TASK ITEM: Word for word, restate the entries below, but exclude the images.

SOURCE DATA:

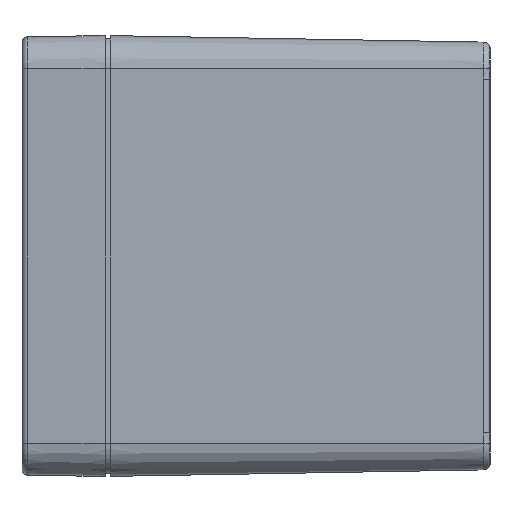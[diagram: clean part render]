
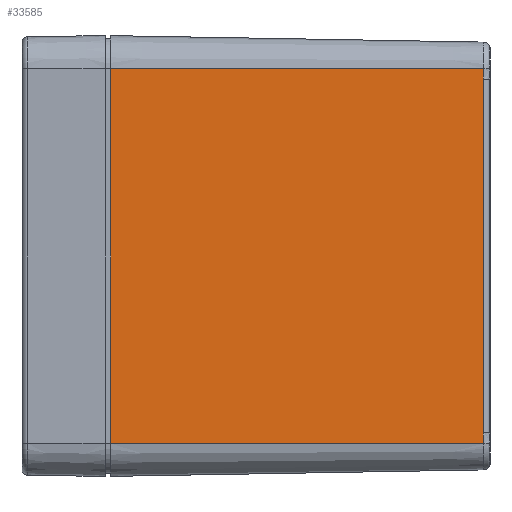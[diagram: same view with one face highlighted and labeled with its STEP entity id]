
A CAD part, left-side view. The second image highlights one B-rep face of the part: STEP entity #33585.
In plain terms, the highlighted planar face has unit normal (-1, -0.018, 0).
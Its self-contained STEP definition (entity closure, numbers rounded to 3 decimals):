
#3644 = ORIENTED_EDGE ( 'NONE', *, *, #25358, .T. ) ;
#3713 = DIRECTION ( 'NONE',  ( 0., 0., 1. ) ) ;
#4967 = CARTESIAN_POINT ( 'NONE',  ( -79.95, 0., 34. ) ) ;
#6379 = EDGE_CURVE ( 'NONE', #26351, #37103, #43136, .T. ) ;
#6888 = CARTESIAN_POINT ( 'NONE',  ( -79.933, -1., 34. ) ) ;
#7764 = AXIS2_PLACEMENT_3D ( 'NONE', #13228, #35449, #17099 ) ;
#9040 = VERTEX_POINT ( 'NONE', #21166 ) ;
#9193 = EDGE_CURVE ( 'NONE', #37103, #30146, #36875, .T. ) ;
#9538 = DIRECTION ( 'NONE',  ( -0.017, 1., 0. ) ) ;
#9598 = ORIENTED_EDGE ( 'NONE', *, *, #40598, .F. ) ;
#11423 = CARTESIAN_POINT ( 'NONE',  ( -79.95, 0., -34. ) ) ;
#11967 = EDGE_CURVE ( 'NONE', #30146, #9040, #42222, .T. ) ;
#12005 = ORIENTED_EDGE ( 'NONE', *, *, #6379, .T. ) ;
#12043 = CARTESIAN_POINT ( 'NONE',  ( -78.753, -68.572, -32.414 ) ) ;
#13228 = CARTESIAN_POINT ( 'NONE',  ( -79.95, 0., 34. ) ) ;
#13625 = DIRECTION ( 'NONE',  ( 0., 0., -1. ) ) ;
#14587 = DIRECTION ( 'NONE',  ( -0.017, 1., 0. ) ) ;
#14672 = VECTOR ( 'NONE', #14587, 1000. ) ;
#15685 = CARTESIAN_POINT ( 'NONE',  ( -78.752, -68.653, -33.364 ) ) ;
#16006 = CARTESIAN_POINT ( 'NONE',  ( -78.753, -68.6, 32.73 ) ) ;
#16709 = CARTESIAN_POINT ( 'NONE',  ( -78.751, -68.676, 33.682 ) ) ;
#16852 = FACE_OUTER_BOUND ( 'NONE', #29394, .T. ) ;
#16872 = EDGE_CURVE ( 'NONE', #26532, #36215, #32488, .T. ) ;
#17099 = DIRECTION ( 'NONE',  ( 0.017, -1., 0. ) ) ;
#19452 = CARTESIAN_POINT ( 'NONE',  ( -79.933, -1., -34. ) ) ;
#19549 = CARTESIAN_POINT ( 'NONE',  ( -78.753, -68.572, -32.095 ) ) ;
#19638 = CARTESIAN_POINT ( 'NONE',  ( -78.753, -68.572, 32.095 ) ) ;
#19796 = CARTESIAN_POINT ( 'NONE',  ( -78.753, -68.572, 32.095 ) ) ;
#21166 = CARTESIAN_POINT ( 'NONE',  ( -78.751, -68.676, 34. ) ) ;
#24300 = LINE ( 'NONE', #4967, #25383 ) ;
#25271 = CARTESIAN_POINT ( 'NONE',  ( -78.753, -68.572, 34. ) ) ;
#25358 = EDGE_CURVE ( 'NONE', #9040, #26532, #24300, .T. ) ;
#25383 = VECTOR ( 'NONE', #9538, 1000. ) ;
#25700 = ORIENTED_EDGE ( 'NONE', *, *, #9193, .T. ) ;
#26351 = VERTEX_POINT ( 'NONE', #42000 ) ;
#26532 = VERTEX_POINT ( 'NONE', #6888 ) ;
#27138 = CARTESIAN_POINT ( 'NONE',  ( -78.752, -68.653, 33.364 ) ) ;
#27376 = CARTESIAN_POINT ( 'NONE',  ( -78.753, -68.572, 32.414 ) ) ;
#27895 = VECTOR ( 'NONE', #13625, 1000. ) ;
#29394 = EDGE_LOOP ( 'NONE', ( #3644, #34707, #9598, #12005, #25700, #41205 ) ) ;
#30146 = VERTEX_POINT ( 'NONE', #19796 ) ;
#30431 = CARTESIAN_POINT ( 'NONE',  ( -78.753, -68.6, -32.73 ) ) ;
#32488 = LINE ( 'NONE', #47232, #27895 ) ;
#33585 = ADVANCED_FACE ( 'NONE', ( #16852 ), #46339, .T. ) ;
#34036 = CARTESIAN_POINT ( 'NONE',  ( -78.751, -68.676, -33.682 ) ) ;
#34707 = ORIENTED_EDGE ( 'NONE', *, *, #16872, .T. ) ;
#35449 = DIRECTION ( 'NONE',  ( -1., -0.017, 0. ) ) ;
#36215 = VERTEX_POINT ( 'NONE', #19452 ) ;
#36875 = LINE ( 'NONE', #25271, #44850 ) ;
#37103 = VERTEX_POINT ( 'NONE', #44138 ) ;
#40598 = EDGE_CURVE ( 'NONE', #26351, #36215, #47695, .T. ) ;
#41205 = ORIENTED_EDGE ( 'NONE', *, *, #11967, .T. ) ;
#42000 = CARTESIAN_POINT ( 'NONE',  ( -78.751, -68.676, -34. ) ) ;
#42222 = B_SPLINE_CURVE_WITH_KNOTS ( 'NONE', 3,
 ( #19638, #27376, #16006, #27138, #16709, #45737 ),
 .UNSPECIFIED., .F., .F.,
 ( 4, 2, 4 ),
 ( 0., 0.001, 0.002 ),
 .UNSPECIFIED. ) ;
#43136 = B_SPLINE_CURVE_WITH_KNOTS ( 'NONE', 3,
 ( #45166, #34036, #15685, #30431, #12043, #19549 ),
 .UNSPECIFIED., .F., .F.,
 ( 4, 2, 4 ),
 ( 0., 0.001, 0.002 ),
 .UNSPECIFIED. ) ;
#44138 = CARTESIAN_POINT ( 'NONE',  ( -78.753, -68.572, -32.095 ) ) ;
#44850 = VECTOR ( 'NONE', #3713, 1000. ) ;
#45166 = CARTESIAN_POINT ( 'NONE',  ( -78.751, -68.676, -34. ) ) ;
#45737 = CARTESIAN_POINT ( 'NONE',  ( -78.751, -68.676, 34. ) ) ;
#46339 = PLANE ( 'NONE',  #7764 ) ;
#47232 = CARTESIAN_POINT ( 'NONE',  ( -79.933, -1., 34. ) ) ;
#47695 = LINE ( 'NONE', #11423, #14672 ) ;

OUTPUT:
[diagram: clean part render]
[diagram: same view with one face highlighted and labeled with its STEP entity id]
A CAD part, left-side view. The second image highlights one B-rep face of the part: STEP entity #33585.
In plain terms, the highlighted planar face has unit normal (-1, -0.018, 0).
Its self-contained STEP definition (entity closure, numbers rounded to 3 decimals):
#3644 = ORIENTED_EDGE ( 'NONE', *, *, #25358, .T. ) ;
#3713 = DIRECTION ( 'NONE',  ( 0., 0., 1. ) ) ;
#4967 = CARTESIAN_POINT ( 'NONE',  ( -79.95, 0., 34. ) ) ;
#6379 = EDGE_CURVE ( 'NONE', #26351, #37103, #43136, .T. ) ;
#6888 = CARTESIAN_POINT ( 'NONE',  ( -79.933, -1., 34. ) ) ;
#7764 = AXIS2_PLACEMENT_3D ( 'NONE', #13228, #35449, #17099 ) ;
#9040 = VERTEX_POINT ( 'NONE', #21166 ) ;
#9193 = EDGE_CURVE ( 'NONE', #37103, #30146, #36875, .T. ) ;
#9538 = DIRECTION ( 'NONE',  ( -0.017, 1., 0. ) ) ;
#9598 = ORIENTED_EDGE ( 'NONE', *, *, #40598, .F. ) ;
#11423 = CARTESIAN_POINT ( 'NONE',  ( -79.95, 0., -34. ) ) ;
#11967 = EDGE_CURVE ( 'NONE', #30146, #9040, #42222, .T. ) ;
#12005 = ORIENTED_EDGE ( 'NONE', *, *, #6379, .T. ) ;
#12043 = CARTESIAN_POINT ( 'NONE',  ( -78.753, -68.572, -32.414 ) ) ;
#13228 = CARTESIAN_POINT ( 'NONE',  ( -79.95, 0., 34. ) ) ;
#13625 = DIRECTION ( 'NONE',  ( 0., 0., -1. ) ) ;
#14587 = DIRECTION ( 'NONE',  ( -0.017, 1., 0. ) ) ;
#14672 = VECTOR ( 'NONE', #14587, 1000. ) ;
#15685 = CARTESIAN_POINT ( 'NONE',  ( -78.752, -68.653, -33.364 ) ) ;
#16006 = CARTESIAN_POINT ( 'NONE',  ( -78.753, -68.6, 32.73 ) ) ;
#16709 = CARTESIAN_POINT ( 'NONE',  ( -78.751, -68.676, 33.682 ) ) ;
#16852 = FACE_OUTER_BOUND ( 'NONE', #29394, .T. ) ;
#16872 = EDGE_CURVE ( 'NONE', #26532, #36215, #32488, .T. ) ;
#17099 = DIRECTION ( 'NONE',  ( 0.017, -1., 0. ) ) ;
#19452 = CARTESIAN_POINT ( 'NONE',  ( -79.933, -1., -34. ) ) ;
#19549 = CARTESIAN_POINT ( 'NONE',  ( -78.753, -68.572, -32.095 ) ) ;
#19638 = CARTESIAN_POINT ( 'NONE',  ( -78.753, -68.572, 32.095 ) ) ;
#19796 = CARTESIAN_POINT ( 'NONE',  ( -78.753, -68.572, 32.095 ) ) ;
#21166 = CARTESIAN_POINT ( 'NONE',  ( -78.751, -68.676, 34. ) ) ;
#24300 = LINE ( 'NONE', #4967, #25383 ) ;
#25271 = CARTESIAN_POINT ( 'NONE',  ( -78.753, -68.572, 34. ) ) ;
#25358 = EDGE_CURVE ( 'NONE', #9040, #26532, #24300, .T. ) ;
#25383 = VECTOR ( 'NONE', #9538, 1000. ) ;
#25700 = ORIENTED_EDGE ( 'NONE', *, *, #9193, .T. ) ;
#26351 = VERTEX_POINT ( 'NONE', #42000 ) ;
#26532 = VERTEX_POINT ( 'NONE', #6888 ) ;
#27138 = CARTESIAN_POINT ( 'NONE',  ( -78.752, -68.653, 33.364 ) ) ;
#27376 = CARTESIAN_POINT ( 'NONE',  ( -78.753, -68.572, 32.414 ) ) ;
#27895 = VECTOR ( 'NONE', #13625, 1000. ) ;
#29394 = EDGE_LOOP ( 'NONE', ( #3644, #34707, #9598, #12005, #25700, #41205 ) ) ;
#30146 = VERTEX_POINT ( 'NONE', #19796 ) ;
#30431 = CARTESIAN_POINT ( 'NONE',  ( -78.753, -68.6, -32.73 ) ) ;
#32488 = LINE ( 'NONE', #47232, #27895 ) ;
#33585 = ADVANCED_FACE ( 'NONE', ( #16852 ), #46339, .T. ) ;
#34036 = CARTESIAN_POINT ( 'NONE',  ( -78.751, -68.676, -33.682 ) ) ;
#34707 = ORIENTED_EDGE ( 'NONE', *, *, #16872, .T. ) ;
#35449 = DIRECTION ( 'NONE',  ( -1., -0.017, 0. ) ) ;
#36215 = VERTEX_POINT ( 'NONE', #19452 ) ;
#36875 = LINE ( 'NONE', #25271, #44850 ) ;
#37103 = VERTEX_POINT ( 'NONE', #44138 ) ;
#40598 = EDGE_CURVE ( 'NONE', #26351, #36215, #47695, .T. ) ;
#41205 = ORIENTED_EDGE ( 'NONE', *, *, #11967, .T. ) ;
#42000 = CARTESIAN_POINT ( 'NONE',  ( -78.751, -68.676, -34. ) ) ;
#42222 = B_SPLINE_CURVE_WITH_KNOTS ( 'NONE', 3,
 ( #19638, #27376, #16006, #27138, #16709, #45737 ),
 .UNSPECIFIED., .F., .F.,
 ( 4, 2, 4 ),
 ( 0., 0.001, 0.002 ),
 .UNSPECIFIED. ) ;
#43136 = B_SPLINE_CURVE_WITH_KNOTS ( 'NONE', 3,
 ( #45166, #34036, #15685, #30431, #12043, #19549 ),
 .UNSPECIFIED., .F., .F.,
 ( 4, 2, 4 ),
 ( 0., 0.001, 0.002 ),
 .UNSPECIFIED. ) ;
#44138 = CARTESIAN_POINT ( 'NONE',  ( -78.753, -68.572, -32.095 ) ) ;
#44850 = VECTOR ( 'NONE', #3713, 1000. ) ;
#45166 = CARTESIAN_POINT ( 'NONE',  ( -78.751, -68.676, -34. ) ) ;
#45737 = CARTESIAN_POINT ( 'NONE',  ( -78.751, -68.676, 34. ) ) ;
#46339 = PLANE ( 'NONE',  #7764 ) ;
#47232 = CARTESIAN_POINT ( 'NONE',  ( -79.933, -1., 34. ) ) ;
#47695 = LINE ( 'NONE', #11423, #14672 ) ;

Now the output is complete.